(Stored data entries)
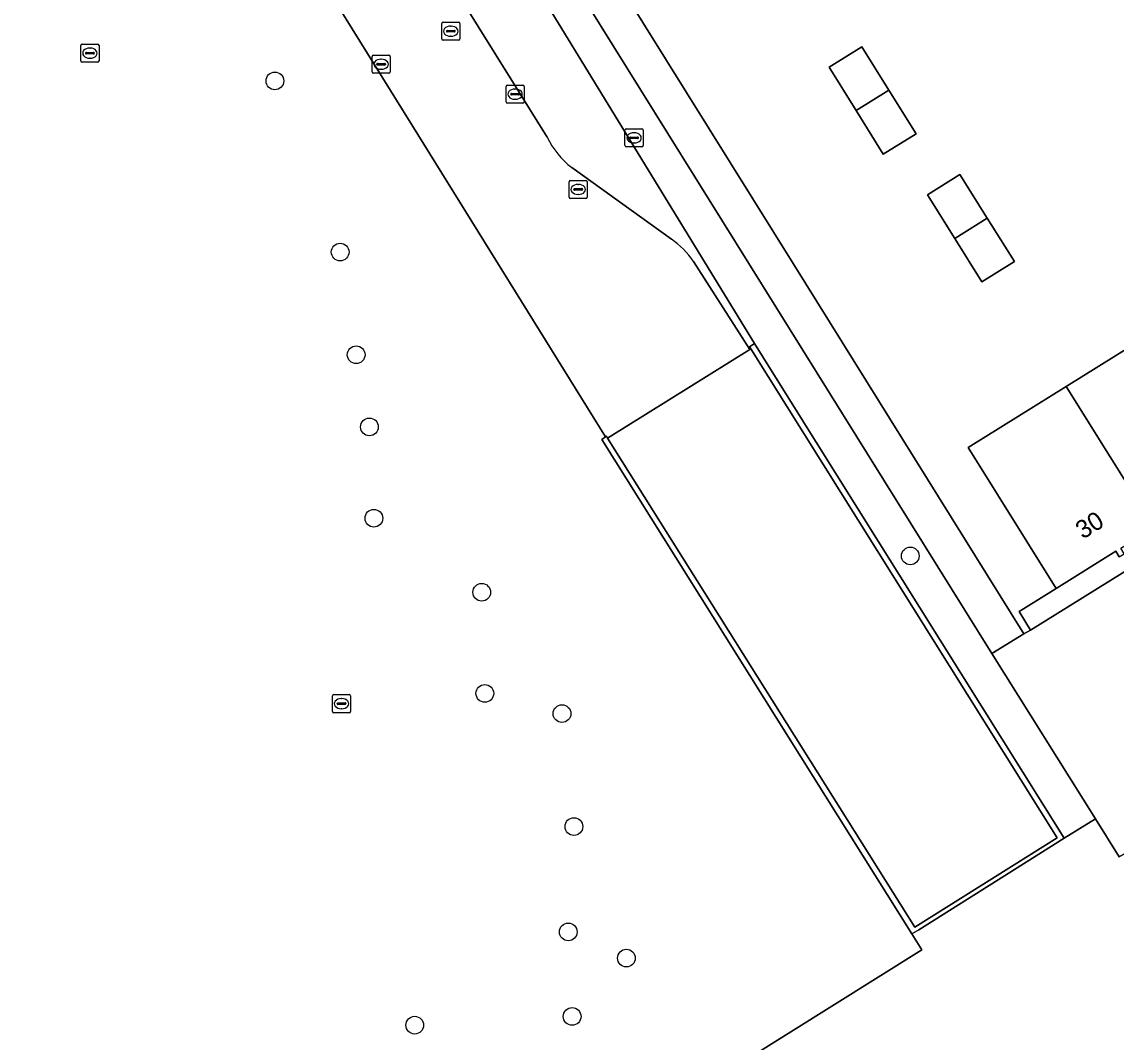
# Model space of a CAD drawing. Extents: x 159279 to 160377, y 384531 to 385888.
# Drawn here: x 159404.1 to 159464.5, y 385373.4 to 385429.8 of the extents above; entities that cross this region are included whole.
import ezdxf

# ---------------------------------------------------------------- set-up
doc = ezdxf.new("R2010")
doc.units = 0
for name, color, linetype in [('IMGEO_Boom', 7, 'Continuous'), ('IMGEO_Erf', 7, 'Continuous'), ('IMGEO_Groenvoorziening', 7, 'Continuous'), ('IMGEO_Kolk', 7, 'Continuous'), ('IMGEO_Muur', 7, 'Continuous'), ('IMGEO_Pand', 7, 'Continuous'), ('IMGEO_Pand_nummerreeks', 7, 'Continuous'), ('IMGEO_Rijbaan_lokaal_gesloten', 7, 'Continuous'), ('IMGEO_Rijbaan_lokaal_open', 7, 'Continuous'), ('IMGEO_Rioolput', 7, 'Continuous'), ('IMGEO_Voetgangersgebied_open', 7, 'Continuous')]:
    doc.layers.add(name, color=color, linetype=linetype)

msp = doc.modelspace()

# ---------------------------------------------------------------- linework, layer by layer
at = {"layer": 'IMGEO_Boom'}
for centre in [(159418.043, 385426.531), (159421.652, 385417.071), (159422.537, 385411.392), (159423.269, 385407.403), (159423.515, 385402.353), (159453.16, 385400.269), (159429.475, 385398.261), (159429.647, 385392.667), (159433.911, 385391.553), (159434.569, 385385.306), (159434.26, 385379.483), (159437.468, 385378.033), (159434.472, 385374.809), (159425.773, 385374.327)]:
    msp.add_circle(centre, 0.489, dxfattribs=at)
at = {"layer": 'IMGEO_Erf'}
for points in [[(159432.397, 385439.388), (159445.622, 385418.149), (159446.687, 385416.44), (159459.434, 385395.969), (159459.81, 385396.164), (159459.179, 385397.202), (159459.413, 385397.348), (159461.218, 385398.473), (159456.364, 385406.265), (159461.772, 385409.641), (159467.18, 385413.017), (159472.589, 385416.393), (159475.103, 385417.962), (159477.999, 385419.765), (159483.412, 385423.134), (159488.824, 385426.503), (159491.783, 385421.784), (159493.723, 385418.733), (159495.539, 385419.868), (159483.57, 385439.063)], [(159464.706, 385400.218), (159464.512, 385400.532), (159461.218, 385398.473), (159459.413, 385397.348), (159459.179, 385397.202), (159459.81, 385396.164), (159496.527, 385419.019)]]:
    msp.add_lwpolyline(points, dxfattribs=at)
for points in [[(159451.973, 385426.016), (159453.476, 385423.609), (159451.657, 385422.483), (159450.162, 385424.891), (159448.666, 385427.298), (159450.471, 385428.423)], [(159457.408, 385418.95), (159458.925, 385416.548), (159457.108, 385415.416), (159455.616, 385417.818), (159454.115, 385420.235), (159455.891, 385421.352)]]:
    msp.add_lwpolyline(points, close=True, dxfattribs=at)
at = {"layer": 'IMGEO_Groenvoorziening'}
for points in [[(159453.246, 385379.369), (159436.106, 385406.715), (159436.318, 385406.853), (159425.611, 385424.096), (159406.852, 385454.306)], [(159441.177, 385416.554), (159444.284, 385411.674), (159444.345, 385411.717), (159444.272, 385411.833), (159444.546, 385412.006), (159427.827, 385439.37), (159429.31, 385440.411)], [(159423.605, 385438.656), (159433.086, 385423.419)], [(159434.452, 385421.739), (159439.954, 385417.78)], [(159366.933, 385321.453), (159368.853, 385322.693), (159367.822, 385324.378), (159372.867, 385327.564), (159374.917, 385324.392), (159380.243, 385327.744), (159378.085, 385331.09), (159453.794, 385378.488), (159453.246, 385379.369)]]:
    msp.add_lwpolyline(points, dxfattribs=at)
msp.add_lwpolyline([(159429.31, 385440.411), (159427.827, 385439.37), (159444.546, 385412.006), (159446.812, 385408.385), (159461.661, 385384.66), (159463.396, 385385.729), (159457.667, 385394.881)], close=True, dxfattribs=at)
for centre, radius, start, end in [((159437.559, 385425.661), 5.003, 206.61733, 231.61146), ((159437.134, 385413.744), 4.924, 34.80227, 55.05735)]:
    msp.add_arc(centre, radius, start, end, dxfattribs=at)
at = {"layer": 'IMGEO_Kolk'}
for p, q in [((159423.414, 385427.027), (159423.414, 385427.879)), ((159423.489, 385427.953), (159424.341, 385427.953)), ((159423.902, 385427.733), (159423.927, 385427.733)), ((159424.415, 385427.879), (159424.415, 385427.027)), ((159423.673, 385427.447), (159423.673, 385427.459)), ((159424.111, 385427.41), (159423.713, 385427.41)), ((159423.716, 385427.496), (159424.114, 385427.496)), ((159423.925, 385427.173), (159423.9, 385427.173)), ((159424.157, 385427.459), (159424.157, 385427.447)), ((159424.341, 385426.953), (159423.489, 385426.953)), ((159430.817, 385425.374), (159430.817, 385426.226)), ((159430.892, 385426.3), (159431.744, 385426.3)), ((159431.076, 385425.794), (159431.076, 385425.806)), ((159431.119, 385425.843), (159431.517, 385425.843)), ((159431.305, 385426.08), (159431.33, 385426.08)), ((159431.56, 385425.806), (159431.56, 385425.794)), ((159431.818, 385426.226), (159431.818, 385425.374)), ((159431.744, 385425.3), (159430.892, 385425.3)), ((159431.514, 385425.757), (159431.116, 385425.757)), ((159431.328, 385425.52), (159431.303, 385425.52)), ((159437.392, 385422.958), (159437.392, 385423.81)), ((159437.467, 385423.884), (159438.319, 385423.884)), ((159437.651, 385423.378), (159437.651, 385423.39)), ((159437.694, 385423.427), (159438.092, 385423.427)), ((159437.88, 385423.664), (159437.905, 385423.664)), ((159438.135, 385423.39), (159438.135, 385423.378)), ((159438.393, 385423.81), (159438.393, 385422.958)), ((159438.319, 385422.884), (159437.467, 385422.884)), ((159438.089, 385423.341), (159437.691, 385423.341)), ((159437.903, 385423.104), (159437.878, 385423.104))]:
    msp.add_line(p, q, dxfattribs=at)
for points in [[(159423.414, 385427.027), (159423.414, 385427.879)], [(159423.489, 385427.953), (159424.341, 385427.953)], [(159424.415, 385427.879), (159424.415, 385427.027)], [(159424.341, 385426.953), (159423.489, 385426.953)], [(159430.817, 385425.374), (159430.817, 385426.226)], [(159430.892, 385426.3), (159431.744, 385426.3)], [(159431.818, 385426.226), (159431.818, 385425.374)], [(159431.744, 385425.3), (159430.892, 385425.3)], [(159437.392, 385422.958), (159437.392, 385423.81)], [(159437.467, 385423.884), (159438.319, 385423.884)], [(159438.393, 385423.81), (159438.393, 385422.958)], [(159438.319, 385422.884), (159437.467, 385422.884)]]:
    msp.add_lwpolyline(points, dxfattribs=at)
for centre, radius, start, end in [((159423.491, 385427.877), 0.0765, 91.55205, 178.44795), ((159423.491, 385427.877), 0.0765, 91.55205, 178.44795), ((159424.339, 385427.877), 0.0765, 1.55205, 88.44795), ((159424.339, 385427.877), 0.0765, 1.55205, 88.44795), ((159423.491, 385427.029), 0.0765, 181.55205, 268.44795), ((159423.491, 385427.029), 0.0765, 181.55205, 268.44795), ((159423.713, 385427.456), 0.0403, 85.87752, 175.75265), ((159423.71, 385427.446), 0.0366, 178.93798, 274.71019), ((159424.114, 385427.453), 0.043, 264.86636, 352.45326), ((159424.118, 385427.458), 0.0386, 1.73085, 96.63898), ((159424.339, 385427.029), 0.0765, 271.55205, 358.44795), ((159424.339, 385427.029), 0.0765, 271.55205, 358.44795), ((159430.894, 385426.224), 0.0765, 91.55205, 178.44795), ((159430.894, 385426.224), 0.0765, 91.55205, 178.44795), ((159431.116, 385425.803), 0.0403, 85.87752, 175.75265), ((159431.113, 385425.793), 0.0366, 178.93798, 274.71019), ((159431.517, 385425.8), 0.043, 264.86636, 352.45326), ((159431.521, 385425.805), 0.0386, 1.73085, 96.63898), ((159431.742, 385426.224), 0.0765, 1.55205, 88.44795), ((159431.742, 385426.224), 0.0765, 1.55205, 88.44795), ((159430.894, 385425.376), 0.0765, 181.55205, 268.44795), ((159430.894, 385425.376), 0.0765, 181.55205, 268.44795), ((159431.742, 385425.376), 0.0765, 271.55205, 358.44795), ((159431.742, 385425.376), 0.0765, 271.55205, 358.44795), ((159437.469, 385423.808), 0.0765, 91.55205, 178.44795), ((159437.469, 385423.808), 0.0765, 91.55205, 178.44795), ((159437.691, 385423.387), 0.0403, 85.87752, 175.75265), ((159437.688, 385423.377), 0.0366, 178.93798, 274.71019), ((159438.092, 385423.384), 0.043, 264.86636, 352.45326), ((159438.096, 385423.389), 0.0386, 1.73085, 96.63898), ((159438.317, 385423.808), 0.0765, 1.55205, 88.44795), ((159438.317, 385423.808), 0.0765, 1.55205, 88.44795), ((159437.469, 385422.96), 0.0765, 181.55205, 268.44795), ((159437.469, 385422.96), 0.0765, 181.55205, 268.44795), ((159438.317, 385422.96), 0.0765, 271.55205, 358.44795), ((159438.317, 385422.96), 0.0765, 271.55205, 358.44795)]:
    msp.add_arc(centre, radius, start, end, dxfattribs=at)
for centre, major_axis, ratio, start_param, end_param in [((159423.901, 385427.453), (-0.387, 0.002), 0.722429, 4.712389, 7.853982), ((159423.926, 385427.453), (-0.39, 0.002), 0.717154, 1.570796, 4.712389), ((159431.304, 385425.8), (-0.387, 0.002), 0.722429, 4.712389, 7.853982), ((159431.329, 385425.8), (-0.39, 0.002), 0.717154, 1.570796, 4.712389), ((159437.879, 385423.384), (-0.387, 0.002), 0.722429, 4.712389, 7.853982), ((159437.904, 385423.384), (-0.39, 0.002), 0.717154, 1.570796, 4.712389)]:
    msp.add_ellipse(centre, major_axis=major_axis, ratio=ratio, start_param=start_param, end_param=end_param, dxfattribs=at)
at = {"layer": 'IMGEO_Muur'}
msp.add_lwpolyline([(159457.508, 385382.049), (159461.661, 385384.66), (159446.812, 385408.385), (159444.546, 385412.006), (159444.272, 385411.833), (159444.345, 385411.717), (159461.275, 385384.678), (159453.415, 385379.751), (159436.429, 385406.782), (159436.365, 385406.883), (159436.318, 385406.853), (159436.106, 385406.715), (159453.246, 385379.369), (159453.622, 385379.606)], close=True, dxfattribs=at)
at = {"layer": 'IMGEO_Pand'}
for points in [[(159448.666, 385427.298), (159450.162, 385424.891), (159451.973, 385426.016), (159450.471, 385428.423)], [(159451.973, 385426.016), (159450.162, 385424.891), (159451.657, 385422.483), (159453.476, 385423.609)], [(159455.891, 385421.352), (159454.115, 385420.235), (159455.616, 385417.818), (159457.408, 385418.95)], [(159457.408, 385418.95), (159455.616, 385417.818), (159457.108, 385415.416), (159458.925, 385416.548)], [(159467.18, 385413.017), (159461.772, 385409.641), (159466.628, 385401.861), (159468.739, 385403.189), (159468.94, 385402.863), (159469.193, 385403.02), (159469.027, 385403.317), (159469.865, 385403.844), (159472.052, 385405.212)], [(159461.772, 385409.641), (159456.364, 385406.265), (159461.218, 385398.473), (159464.512, 385400.532), (159464.706, 385400.218), (159464.974, 385400.385), (159464.794, 385400.707), (159466.628, 385401.861)]]:
    msp.add_lwpolyline(points, close=True, dxfattribs=at)
at = {"layer": 'IMGEO_Rijbaan_lokaal_gesloten'}
msp.add_lwpolyline([(159444.345, 385411.717), (159444.284, 385411.674), (159436.429, 385406.782), (159453.415, 385379.751), (159461.275, 385384.678)], close=True, dxfattribs=at)
at = {"layer": 'IMGEO_Rijbaan_lokaal_open'}
for points in [[(159406.852, 385454.306), (159425.611, 385424.096), (159436.318, 385406.853), (159436.365, 385406.883), (159436.429, 385406.782), (159444.284, 385411.674), (159441.177, 385416.554)], [(159433.086, 385423.419), (159423.605, 385438.656)], [(159439.954, 385417.78), (159434.452, 385421.739)]]:
    msp.add_lwpolyline(points, dxfattribs=at)
for centre, radius, start, end in [((159437.559, 385425.661), 5.003, 206.61733, 231.61146), ((159437.134, 385413.744), 4.924, 34.80227, 55.05735)]:
    msp.add_arc(centre, radius, start, end, dxfattribs=at)
at = {"layer": 'IMGEO_Rioolput'}
for p, q in [((159427.266, 385428.853), (159427.266, 385429.705)), ((159427.341, 385429.779), (159428.193, 385429.779)), ((159427.754, 385429.559), (159427.779, 385429.559)), ((159428.267, 385429.705), (159428.267, 385428.853)), ((159427.525, 385429.273), (159427.525, 385429.285)), ((159427.963, 385429.236), (159427.565, 385429.236)), ((159427.568, 385429.322), (159427.966, 385429.322)), ((159427.777, 385428.999), (159427.752, 385428.999)), ((159428.009, 385429.285), (159428.009, 385429.273)), ((159407.325, 385427.639), (159407.325, 385428.491)), ((159407.4, 385428.565), (159408.252, 385428.565)), ((159407.813, 385428.345), (159407.838, 385428.345)), ((159408.326, 385428.491), (159408.326, 385427.639)), ((159428.193, 385428.779), (159427.341, 385428.779)), ((159407.584, 385428.059), (159407.584, 385428.071)), ((159408.022, 385428.022), (159407.624, 385428.022)), ((159407.627, 385428.108), (159408.025, 385428.108)), ((159407.836, 385427.785), (159407.811, 385427.785)), ((159408.068, 385428.071), (159408.068, 385428.059)), ((159408.252, 385427.565), (159407.4, 385427.565)), ((159434.306, 385420.106), (159434.306, 385420.958)), ((159434.381, 385421.032), (159435.233, 385421.032)), ((159435.307, 385420.958), (159435.307, 385420.106)), ((159434.565, 385420.526), (159434.565, 385420.538)), ((159435.003, 385420.489), (159434.605, 385420.489)), ((159434.608, 385420.575), (159435.006, 385420.575)), ((159434.794, 385420.812), (159434.819, 385420.812)), ((159435.049, 385420.538), (159435.049, 385420.526)), ((159435.233, 385420.032), (159434.381, 385420.032)), ((159434.817, 385420.252), (159434.792, 385420.252)), ((159421.229, 385391.674), (159421.229, 385392.526)), ((159421.304, 385392.6), (159422.156, 385392.6)), ((159422.23, 385392.526), (159422.23, 385391.674)), ((159421.488, 385392.094), (159421.488, 385392.106)), ((159421.926, 385392.057), (159421.528, 385392.057)), ((159421.531, 385392.143), (159421.929, 385392.143)), ((159421.717, 385392.38), (159421.742, 385392.38)), ((159421.972, 385392.106), (159421.972, 385392.094)), ((159422.156, 385391.6), (159421.304, 385391.6)), ((159421.74, 385391.82), (159421.715, 385391.82))]:
    msp.add_line(p, q, dxfattribs=at)
for points in [[(159427.266, 385428.853), (159427.266, 385429.705)], [(159427.341, 385429.779), (159428.193, 385429.779)], [(159428.267, 385429.705), (159428.267, 385428.853)], [(159407.325, 385427.639), (159407.325, 385428.491)], [(159407.4, 385428.565), (159408.252, 385428.565)], [(159408.326, 385428.491), (159408.326, 385427.639)], [(159428.193, 385428.779), (159427.341, 385428.779)], [(159408.252, 385427.565), (159407.4, 385427.565)], [(159434.306, 385420.106), (159434.306, 385420.958)], [(159434.381, 385421.032), (159435.233, 385421.032)], [(159435.307, 385420.958), (159435.307, 385420.106)], [(159435.233, 385420.032), (159434.381, 385420.032)], [(159421.229, 385391.674), (159421.229, 385392.526)], [(159421.304, 385392.6), (159422.156, 385392.6)], [(159422.23, 385392.526), (159422.23, 385391.674)], [(159422.156, 385391.6), (159421.304, 385391.6)]]:
    msp.add_lwpolyline(points, dxfattribs=at)
for centre, radius, start, end in [((159427.343, 385429.703), 0.0765, 91.55205, 178.44795), ((159427.343, 385429.703), 0.0765, 91.55205, 178.44795), ((159428.191, 385429.703), 0.0765, 1.55205, 88.44795), ((159428.191, 385429.703), 0.0765, 1.55205, 88.44795), ((159427.343, 385428.855), 0.0765, 181.55205, 268.44795), ((159427.343, 385428.855), 0.0765, 181.55205, 268.44795), ((159427.565, 385429.282), 0.0403, 85.87752, 175.75265), ((159427.562, 385429.272), 0.0366, 178.93798, 274.71019), ((159427.966, 385429.279), 0.043, 264.86636, 352.45326), ((159427.97, 385429.284), 0.0386, 1.73085, 96.63898), ((159428.191, 385428.855), 0.0765, 271.55205, 358.44795), ((159428.191, 385428.855), 0.0765, 271.55205, 358.44795), ((159407.402, 385428.489), 0.0765, 91.55205, 178.44795), ((159407.402, 385428.489), 0.0765, 91.55205, 178.44795), ((159408.25, 385428.489), 0.0765, 1.55205, 88.44795), ((159408.25, 385428.489), 0.0765, 1.55205, 88.44795), ((159407.402, 385427.641), 0.0765, 181.55205, 268.44795), ((159407.402, 385427.641), 0.0765, 181.55205, 268.44795), ((159407.624, 385428.068), 0.0403, 85.87752, 175.75265), ((159407.621, 385428.058), 0.0366, 178.93798, 274.71019), ((159408.025, 385428.065), 0.043, 264.86636, 352.45326), ((159408.029, 385428.07), 0.0386, 1.73085, 96.63898), ((159408.25, 385427.641), 0.0765, 271.55205, 358.44795), ((159408.25, 385427.641), 0.0765, 271.55205, 358.44795), ((159434.383, 385420.956), 0.0765, 91.55205, 178.44795), ((159434.383, 385420.956), 0.0765, 91.55205, 178.44795), ((159435.231, 385420.956), 0.0765, 1.55205, 88.44795), ((159435.231, 385420.956), 0.0765, 1.55205, 88.44795), ((159434.605, 385420.535), 0.0403, 85.87752, 175.75265), ((159434.602, 385420.525), 0.0366, 178.93798, 274.71019), ((159435.006, 385420.532), 0.043, 264.86636, 352.45326), ((159435.01, 385420.537), 0.0386, 1.73085, 96.63898), ((159434.383, 385420.108), 0.0765, 181.55205, 268.44795), ((159434.383, 385420.108), 0.0765, 181.55205, 268.44795), ((159435.231, 385420.108), 0.0765, 271.55205, 358.44795), ((159435.231, 385420.108), 0.0765, 271.55205, 358.44795), ((159421.306, 385392.524), 0.0765, 91.55205, 178.44795), ((159421.306, 385392.524), 0.0765, 91.55205, 178.44795), ((159422.154, 385392.524), 0.0765, 1.55205, 88.44795), ((159422.154, 385392.524), 0.0765, 1.55205, 88.44795), ((159421.528, 385392.103), 0.0403, 85.87752, 175.75265), ((159421.525, 385392.093), 0.0366, 178.93798, 274.71019), ((159421.929, 385392.1), 0.043, 264.86636, 352.45326), ((159421.933, 385392.105), 0.0386, 1.73085, 96.63898), ((159421.306, 385391.676), 0.0765, 181.55205, 268.44795), ((159421.306, 385391.676), 0.0765, 181.55205, 268.44795), ((159422.154, 385391.676), 0.0765, 271.55205, 358.44795), ((159422.154, 385391.676), 0.0765, 271.55205, 358.44795)]:
    msp.add_arc(centre, radius, start, end, dxfattribs=at)
for centre, major_axis, ratio, start_param, end_param in [((159427.753, 385429.279), (-0.387, 0.002), 0.722429, 4.712389, 7.853982), ((159427.778, 385429.279), (-0.39, 0.002), 0.717154, 1.570796, 4.712389), ((159407.812, 385428.065), (-0.387, 0.002), 0.722429, 4.712389, 7.853982), ((159407.837, 385428.065), (-0.39, 0.002), 0.717154, 1.570796, 4.712389), ((159434.793, 385420.532), (-0.387, 0.002), 0.722429, 4.712389, 7.853982), ((159434.818, 385420.532), (-0.39, 0.002), 0.717154, 1.570796, 4.712389), ((159421.716, 385392.1), (-0.387, 0.002), 0.722429, 4.712389, 7.853982), ((159421.741, 385392.1), (-0.39, 0.002), 0.717154, 1.570796, 4.712389)]:
    msp.add_ellipse(centre, major_axis=major_axis, ratio=ratio, start_param=start_param, end_param=end_param, dxfattribs=at)
at = {"layer": 'IMGEO_Voetgangersgebied_open'}
msp.add_lwpolyline([(159432.397, 385439.388), (159432.186, 385439.727), (159431.117, 385441.443), (159430.43, 385442.533), (159427.756, 385446.597), (159427.621, 385446.775), (159425.983, 385445.744), (159426.111, 385445.547), (159429.31, 385440.411), (159457.667, 385394.881), (159459.434, 385395.969), (159446.687, 385416.44), (159445.622, 385418.149)], close=True, dxfattribs=at)
for points in [[(159515.214, 385430.074), (159498.421, 385419.623), (159498.164, 385420.032), (159496.527, 385419.019), (159459.81, 385396.164), (159459.434, 385395.969), (159457.667, 385394.881), (159463.396, 385385.729), (159464.704, 385383.64), (159467.362, 385385.157), (159473.614, 385375.297), (159481.223, 385380.079), (159486.183, 385383.185), (159479.206, 385394.415), (159480.107, 385394.975), (159481.742, 385395.994), (159483.001, 385396.779), (159484.628, 385397.793), (159521.522, 385420.783)], [(159389.39, 385321.78), (159429.394, 385258.118), (159424.986, 385255.303), (159426.009, 385253.608), (159497.859, 385298.653), (159506.85, 385304.364), (159515.25, 385309.623), (159513.073, 385313.056), (159512.632, 385312.774), (159509.325, 385318.031), (159509.752, 385318.295), (159473.614, 385375.297), (159467.362, 385385.157), (159464.704, 385383.64), (159463.396, 385385.729), (159461.661, 385384.66), (159457.508, 385382.049), (159453.622, 385379.606), (159453.246, 385379.369), (159453.794, 385378.488), (159378.085, 385331.09)]]:
    msp.add_lwpolyline(points, dxfattribs=at)

# ---------------------------------------------------------------- texts
at = {"layer": 'IMGEO_Pand_nummerreeks'}
msp.add_text('30', height=1, rotation=32.01115, dxfattribs=at).set_placement((159462.695, 385401.165))

doc.saveas('drawing.dxf')

> [Task requirements]: The answer is a number only: how many lines of the data above include "drawing"?

> [Finished task]: 2